[Provided entries Boundary: Start]
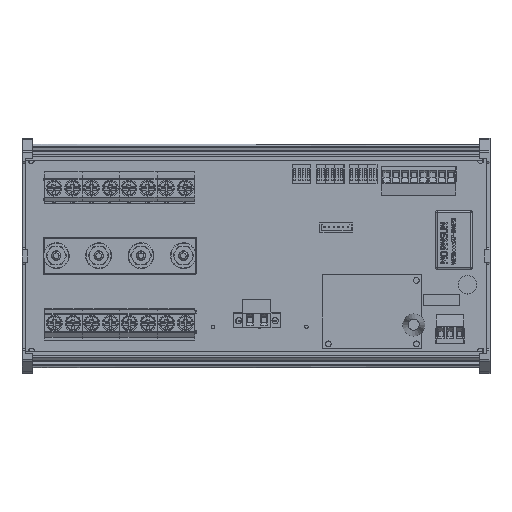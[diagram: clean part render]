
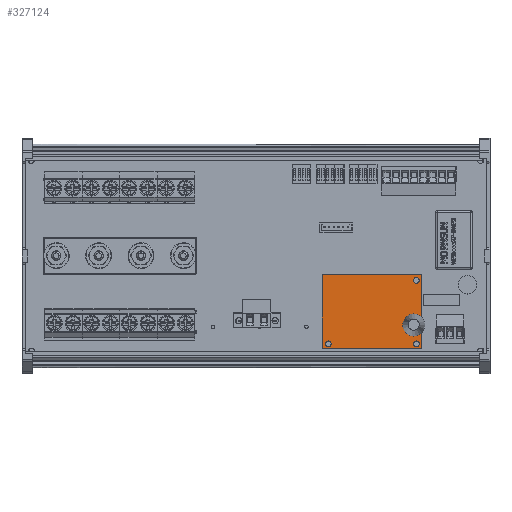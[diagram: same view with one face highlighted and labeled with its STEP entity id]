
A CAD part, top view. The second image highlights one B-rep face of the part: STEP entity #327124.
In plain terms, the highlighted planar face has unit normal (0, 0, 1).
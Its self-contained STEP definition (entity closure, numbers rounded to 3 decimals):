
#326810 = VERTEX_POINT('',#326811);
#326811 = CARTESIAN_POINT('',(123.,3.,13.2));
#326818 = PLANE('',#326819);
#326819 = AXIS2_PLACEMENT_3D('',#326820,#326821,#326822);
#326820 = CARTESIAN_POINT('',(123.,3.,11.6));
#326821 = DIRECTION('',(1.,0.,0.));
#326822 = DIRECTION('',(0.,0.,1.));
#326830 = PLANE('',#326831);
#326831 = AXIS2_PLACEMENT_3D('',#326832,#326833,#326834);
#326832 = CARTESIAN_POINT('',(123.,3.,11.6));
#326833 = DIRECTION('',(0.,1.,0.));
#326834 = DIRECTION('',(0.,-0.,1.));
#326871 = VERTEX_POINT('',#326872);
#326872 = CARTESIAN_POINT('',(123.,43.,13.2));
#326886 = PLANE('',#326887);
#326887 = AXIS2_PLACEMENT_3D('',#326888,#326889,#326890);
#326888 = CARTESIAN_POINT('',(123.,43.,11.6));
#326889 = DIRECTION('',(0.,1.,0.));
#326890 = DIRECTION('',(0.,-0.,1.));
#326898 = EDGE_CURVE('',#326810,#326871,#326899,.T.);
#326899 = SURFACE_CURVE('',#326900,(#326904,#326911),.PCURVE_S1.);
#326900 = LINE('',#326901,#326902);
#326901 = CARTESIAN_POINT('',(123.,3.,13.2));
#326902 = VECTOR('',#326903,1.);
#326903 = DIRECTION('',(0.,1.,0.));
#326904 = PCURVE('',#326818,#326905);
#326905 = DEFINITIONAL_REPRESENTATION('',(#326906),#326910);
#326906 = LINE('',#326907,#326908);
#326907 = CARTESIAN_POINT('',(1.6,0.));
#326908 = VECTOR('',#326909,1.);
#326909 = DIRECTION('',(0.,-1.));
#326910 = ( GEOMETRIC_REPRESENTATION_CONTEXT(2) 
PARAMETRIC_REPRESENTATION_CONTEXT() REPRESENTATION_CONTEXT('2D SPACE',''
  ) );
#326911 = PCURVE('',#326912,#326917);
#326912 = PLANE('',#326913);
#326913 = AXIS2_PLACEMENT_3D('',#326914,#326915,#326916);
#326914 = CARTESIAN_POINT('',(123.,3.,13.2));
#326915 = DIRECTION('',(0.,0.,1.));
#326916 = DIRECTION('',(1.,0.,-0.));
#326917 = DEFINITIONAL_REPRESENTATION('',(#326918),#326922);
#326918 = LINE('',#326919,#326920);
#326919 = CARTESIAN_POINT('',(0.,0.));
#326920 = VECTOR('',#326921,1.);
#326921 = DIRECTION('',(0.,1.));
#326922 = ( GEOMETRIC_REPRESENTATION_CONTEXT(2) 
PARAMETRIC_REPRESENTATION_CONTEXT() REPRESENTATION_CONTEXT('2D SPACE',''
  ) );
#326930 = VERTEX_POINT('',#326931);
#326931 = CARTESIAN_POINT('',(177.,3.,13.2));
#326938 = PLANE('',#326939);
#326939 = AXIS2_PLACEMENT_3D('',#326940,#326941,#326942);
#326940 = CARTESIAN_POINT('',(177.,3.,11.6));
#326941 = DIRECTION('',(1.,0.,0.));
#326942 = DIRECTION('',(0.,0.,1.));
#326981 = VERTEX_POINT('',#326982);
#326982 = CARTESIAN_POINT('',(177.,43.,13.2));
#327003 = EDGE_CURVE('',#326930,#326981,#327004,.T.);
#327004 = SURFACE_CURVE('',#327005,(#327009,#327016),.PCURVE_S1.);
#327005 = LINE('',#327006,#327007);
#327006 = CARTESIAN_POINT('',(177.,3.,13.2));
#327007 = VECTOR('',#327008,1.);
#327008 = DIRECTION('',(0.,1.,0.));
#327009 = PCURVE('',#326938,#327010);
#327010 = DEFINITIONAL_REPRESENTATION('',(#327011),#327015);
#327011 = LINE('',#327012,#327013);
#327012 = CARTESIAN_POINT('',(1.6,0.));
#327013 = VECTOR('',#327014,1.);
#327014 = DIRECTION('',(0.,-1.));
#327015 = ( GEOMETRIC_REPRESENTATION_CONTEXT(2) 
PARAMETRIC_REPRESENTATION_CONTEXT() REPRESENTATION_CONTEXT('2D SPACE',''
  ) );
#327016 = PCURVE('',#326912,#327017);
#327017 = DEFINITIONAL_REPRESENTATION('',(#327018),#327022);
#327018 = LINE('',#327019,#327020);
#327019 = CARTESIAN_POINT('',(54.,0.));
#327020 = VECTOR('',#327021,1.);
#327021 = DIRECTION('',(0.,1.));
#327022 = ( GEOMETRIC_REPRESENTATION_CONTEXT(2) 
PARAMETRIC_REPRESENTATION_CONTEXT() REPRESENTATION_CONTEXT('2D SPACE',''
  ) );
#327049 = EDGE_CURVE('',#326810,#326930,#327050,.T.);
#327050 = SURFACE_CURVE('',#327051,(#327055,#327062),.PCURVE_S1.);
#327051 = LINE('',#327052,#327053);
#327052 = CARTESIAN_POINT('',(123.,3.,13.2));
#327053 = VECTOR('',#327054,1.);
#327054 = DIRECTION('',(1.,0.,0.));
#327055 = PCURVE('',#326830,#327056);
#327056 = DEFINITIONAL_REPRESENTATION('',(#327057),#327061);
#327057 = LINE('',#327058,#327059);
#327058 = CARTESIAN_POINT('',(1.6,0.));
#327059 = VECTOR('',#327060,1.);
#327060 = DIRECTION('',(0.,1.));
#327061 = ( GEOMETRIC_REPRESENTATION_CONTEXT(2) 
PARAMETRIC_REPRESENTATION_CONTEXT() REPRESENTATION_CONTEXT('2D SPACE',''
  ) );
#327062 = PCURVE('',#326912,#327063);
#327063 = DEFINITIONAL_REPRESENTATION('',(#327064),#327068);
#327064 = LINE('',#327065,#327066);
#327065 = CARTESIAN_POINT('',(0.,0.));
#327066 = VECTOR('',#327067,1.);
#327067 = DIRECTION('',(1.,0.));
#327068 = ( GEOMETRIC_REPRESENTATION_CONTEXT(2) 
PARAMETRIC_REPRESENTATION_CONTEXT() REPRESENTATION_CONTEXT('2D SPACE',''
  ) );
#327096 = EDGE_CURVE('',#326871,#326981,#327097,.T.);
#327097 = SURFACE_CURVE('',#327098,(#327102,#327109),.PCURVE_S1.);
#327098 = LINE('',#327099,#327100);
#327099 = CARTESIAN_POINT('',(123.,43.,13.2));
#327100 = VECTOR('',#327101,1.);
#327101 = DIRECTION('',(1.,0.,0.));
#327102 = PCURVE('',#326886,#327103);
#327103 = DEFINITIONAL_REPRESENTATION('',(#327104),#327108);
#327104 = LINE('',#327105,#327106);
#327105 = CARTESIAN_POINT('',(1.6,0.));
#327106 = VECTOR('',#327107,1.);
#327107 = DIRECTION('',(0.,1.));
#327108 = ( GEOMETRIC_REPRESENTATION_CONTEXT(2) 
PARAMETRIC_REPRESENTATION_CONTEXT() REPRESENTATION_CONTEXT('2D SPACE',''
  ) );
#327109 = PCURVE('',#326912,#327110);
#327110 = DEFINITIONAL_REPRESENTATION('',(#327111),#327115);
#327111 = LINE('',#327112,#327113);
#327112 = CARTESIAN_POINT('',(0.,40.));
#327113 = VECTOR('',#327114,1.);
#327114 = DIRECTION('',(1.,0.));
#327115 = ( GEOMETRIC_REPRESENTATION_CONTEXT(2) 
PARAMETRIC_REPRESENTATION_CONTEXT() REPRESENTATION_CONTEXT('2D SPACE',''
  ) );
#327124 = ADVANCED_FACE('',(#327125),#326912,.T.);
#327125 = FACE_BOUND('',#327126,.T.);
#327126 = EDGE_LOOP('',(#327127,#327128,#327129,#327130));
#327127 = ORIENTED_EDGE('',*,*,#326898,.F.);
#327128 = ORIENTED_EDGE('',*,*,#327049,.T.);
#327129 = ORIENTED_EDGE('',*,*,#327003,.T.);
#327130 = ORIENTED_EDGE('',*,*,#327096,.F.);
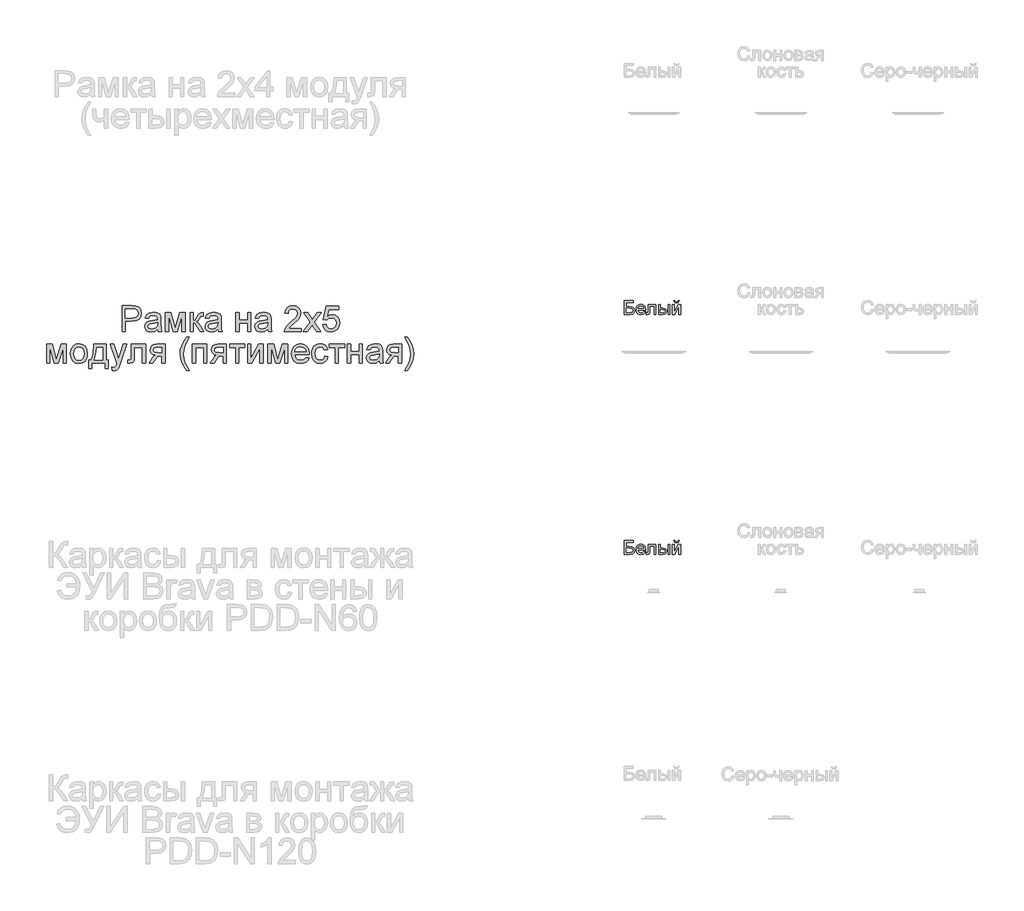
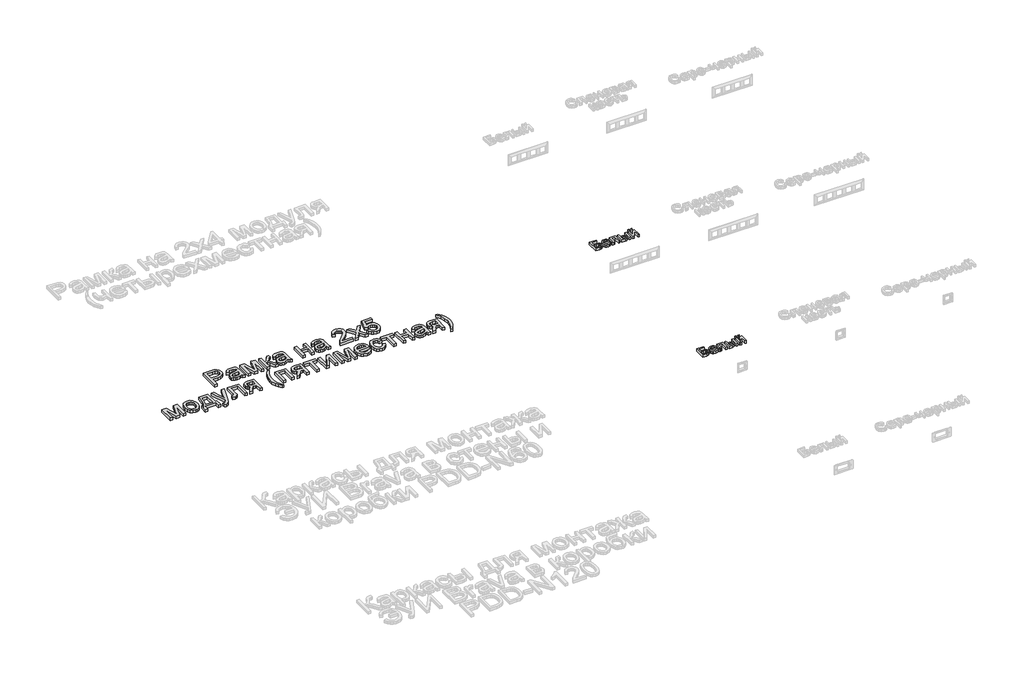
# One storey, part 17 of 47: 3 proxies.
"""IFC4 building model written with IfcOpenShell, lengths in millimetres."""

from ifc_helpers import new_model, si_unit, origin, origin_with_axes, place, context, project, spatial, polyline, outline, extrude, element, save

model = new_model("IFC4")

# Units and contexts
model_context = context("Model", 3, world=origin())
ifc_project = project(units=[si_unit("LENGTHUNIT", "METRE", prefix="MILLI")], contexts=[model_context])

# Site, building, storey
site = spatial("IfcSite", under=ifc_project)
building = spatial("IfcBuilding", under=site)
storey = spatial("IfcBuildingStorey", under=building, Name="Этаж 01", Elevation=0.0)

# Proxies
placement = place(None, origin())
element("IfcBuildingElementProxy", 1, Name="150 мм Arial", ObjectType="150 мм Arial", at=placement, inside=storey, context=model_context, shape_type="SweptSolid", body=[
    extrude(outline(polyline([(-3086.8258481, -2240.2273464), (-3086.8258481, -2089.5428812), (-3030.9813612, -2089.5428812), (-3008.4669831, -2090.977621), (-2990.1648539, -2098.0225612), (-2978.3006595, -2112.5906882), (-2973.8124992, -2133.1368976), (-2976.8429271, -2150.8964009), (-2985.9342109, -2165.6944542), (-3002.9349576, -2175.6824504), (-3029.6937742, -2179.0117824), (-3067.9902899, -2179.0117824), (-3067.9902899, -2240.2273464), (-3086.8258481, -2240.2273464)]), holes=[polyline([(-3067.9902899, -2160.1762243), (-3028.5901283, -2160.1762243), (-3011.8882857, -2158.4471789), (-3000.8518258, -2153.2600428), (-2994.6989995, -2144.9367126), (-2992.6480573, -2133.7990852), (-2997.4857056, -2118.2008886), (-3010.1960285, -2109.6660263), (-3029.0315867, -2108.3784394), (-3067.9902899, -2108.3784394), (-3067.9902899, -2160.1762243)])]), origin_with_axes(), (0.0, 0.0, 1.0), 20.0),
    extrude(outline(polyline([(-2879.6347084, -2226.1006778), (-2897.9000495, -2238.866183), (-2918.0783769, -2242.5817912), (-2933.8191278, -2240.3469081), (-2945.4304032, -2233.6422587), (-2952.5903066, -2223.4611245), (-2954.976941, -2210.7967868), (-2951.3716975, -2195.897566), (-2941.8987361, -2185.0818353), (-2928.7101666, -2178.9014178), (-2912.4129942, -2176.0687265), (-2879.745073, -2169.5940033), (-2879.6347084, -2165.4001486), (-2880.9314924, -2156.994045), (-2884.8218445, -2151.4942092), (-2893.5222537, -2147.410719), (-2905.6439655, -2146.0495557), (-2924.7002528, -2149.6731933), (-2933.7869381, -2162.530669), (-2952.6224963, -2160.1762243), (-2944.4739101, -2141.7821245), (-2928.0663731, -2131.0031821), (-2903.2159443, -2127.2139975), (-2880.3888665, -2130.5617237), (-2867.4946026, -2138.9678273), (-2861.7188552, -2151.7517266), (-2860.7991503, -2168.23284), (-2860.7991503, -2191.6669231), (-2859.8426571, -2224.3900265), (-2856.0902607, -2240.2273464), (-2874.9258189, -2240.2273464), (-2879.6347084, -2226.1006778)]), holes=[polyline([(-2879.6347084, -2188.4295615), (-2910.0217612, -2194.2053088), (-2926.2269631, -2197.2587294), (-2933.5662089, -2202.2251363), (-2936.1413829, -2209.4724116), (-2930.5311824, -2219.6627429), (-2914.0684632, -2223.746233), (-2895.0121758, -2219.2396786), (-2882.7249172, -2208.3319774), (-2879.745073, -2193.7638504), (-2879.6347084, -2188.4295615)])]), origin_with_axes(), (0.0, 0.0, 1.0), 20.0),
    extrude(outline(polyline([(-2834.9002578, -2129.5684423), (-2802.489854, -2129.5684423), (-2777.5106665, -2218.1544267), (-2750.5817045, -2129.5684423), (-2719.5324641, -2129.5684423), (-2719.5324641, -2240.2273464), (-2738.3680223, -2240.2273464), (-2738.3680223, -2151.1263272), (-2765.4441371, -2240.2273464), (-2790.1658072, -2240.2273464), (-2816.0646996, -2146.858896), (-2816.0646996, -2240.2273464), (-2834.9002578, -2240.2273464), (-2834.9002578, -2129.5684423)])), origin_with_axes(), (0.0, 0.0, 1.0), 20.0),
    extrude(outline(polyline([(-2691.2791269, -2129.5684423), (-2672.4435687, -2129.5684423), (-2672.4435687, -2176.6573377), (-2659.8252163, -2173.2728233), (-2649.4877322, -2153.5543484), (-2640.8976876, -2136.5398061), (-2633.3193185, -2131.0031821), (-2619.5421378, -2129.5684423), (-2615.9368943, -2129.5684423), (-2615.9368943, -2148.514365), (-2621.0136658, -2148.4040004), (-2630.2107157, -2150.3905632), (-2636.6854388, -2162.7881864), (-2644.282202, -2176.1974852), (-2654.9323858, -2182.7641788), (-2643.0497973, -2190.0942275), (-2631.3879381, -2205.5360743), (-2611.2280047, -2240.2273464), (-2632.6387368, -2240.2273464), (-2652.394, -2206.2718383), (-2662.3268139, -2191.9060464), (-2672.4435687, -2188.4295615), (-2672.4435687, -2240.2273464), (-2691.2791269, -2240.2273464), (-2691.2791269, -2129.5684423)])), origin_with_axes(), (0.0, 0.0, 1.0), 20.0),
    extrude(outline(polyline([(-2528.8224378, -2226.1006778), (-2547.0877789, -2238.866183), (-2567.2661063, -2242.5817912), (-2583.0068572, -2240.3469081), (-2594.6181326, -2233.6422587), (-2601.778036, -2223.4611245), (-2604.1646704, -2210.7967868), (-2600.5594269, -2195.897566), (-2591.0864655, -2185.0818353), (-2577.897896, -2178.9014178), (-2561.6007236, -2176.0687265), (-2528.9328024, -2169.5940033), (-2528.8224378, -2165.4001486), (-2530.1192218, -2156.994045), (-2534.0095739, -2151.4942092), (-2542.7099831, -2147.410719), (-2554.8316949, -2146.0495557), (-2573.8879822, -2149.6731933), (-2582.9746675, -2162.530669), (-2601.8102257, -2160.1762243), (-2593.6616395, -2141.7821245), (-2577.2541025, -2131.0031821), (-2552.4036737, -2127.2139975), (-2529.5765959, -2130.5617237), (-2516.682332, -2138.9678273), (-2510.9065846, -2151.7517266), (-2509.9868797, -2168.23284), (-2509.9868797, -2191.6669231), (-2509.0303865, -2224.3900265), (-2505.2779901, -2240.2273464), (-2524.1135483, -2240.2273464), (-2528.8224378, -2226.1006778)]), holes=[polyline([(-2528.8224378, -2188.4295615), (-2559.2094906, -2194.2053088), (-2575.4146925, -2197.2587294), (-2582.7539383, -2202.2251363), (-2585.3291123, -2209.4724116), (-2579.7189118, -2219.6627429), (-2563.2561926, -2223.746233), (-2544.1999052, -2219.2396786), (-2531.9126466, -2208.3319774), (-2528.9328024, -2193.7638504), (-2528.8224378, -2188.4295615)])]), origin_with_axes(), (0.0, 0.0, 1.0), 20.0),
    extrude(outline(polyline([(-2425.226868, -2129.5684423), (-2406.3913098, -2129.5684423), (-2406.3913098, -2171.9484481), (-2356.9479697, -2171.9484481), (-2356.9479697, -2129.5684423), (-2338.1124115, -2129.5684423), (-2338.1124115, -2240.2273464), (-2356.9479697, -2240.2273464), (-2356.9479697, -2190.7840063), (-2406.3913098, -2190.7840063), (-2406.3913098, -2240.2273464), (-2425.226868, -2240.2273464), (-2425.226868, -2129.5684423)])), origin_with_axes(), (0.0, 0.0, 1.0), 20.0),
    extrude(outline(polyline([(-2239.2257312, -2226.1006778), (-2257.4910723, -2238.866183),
[Provided entries Boundary: End]
_Your assignment_
A single figure is required: the number of lines in the entries above that include the word "Name".

_Output below_
2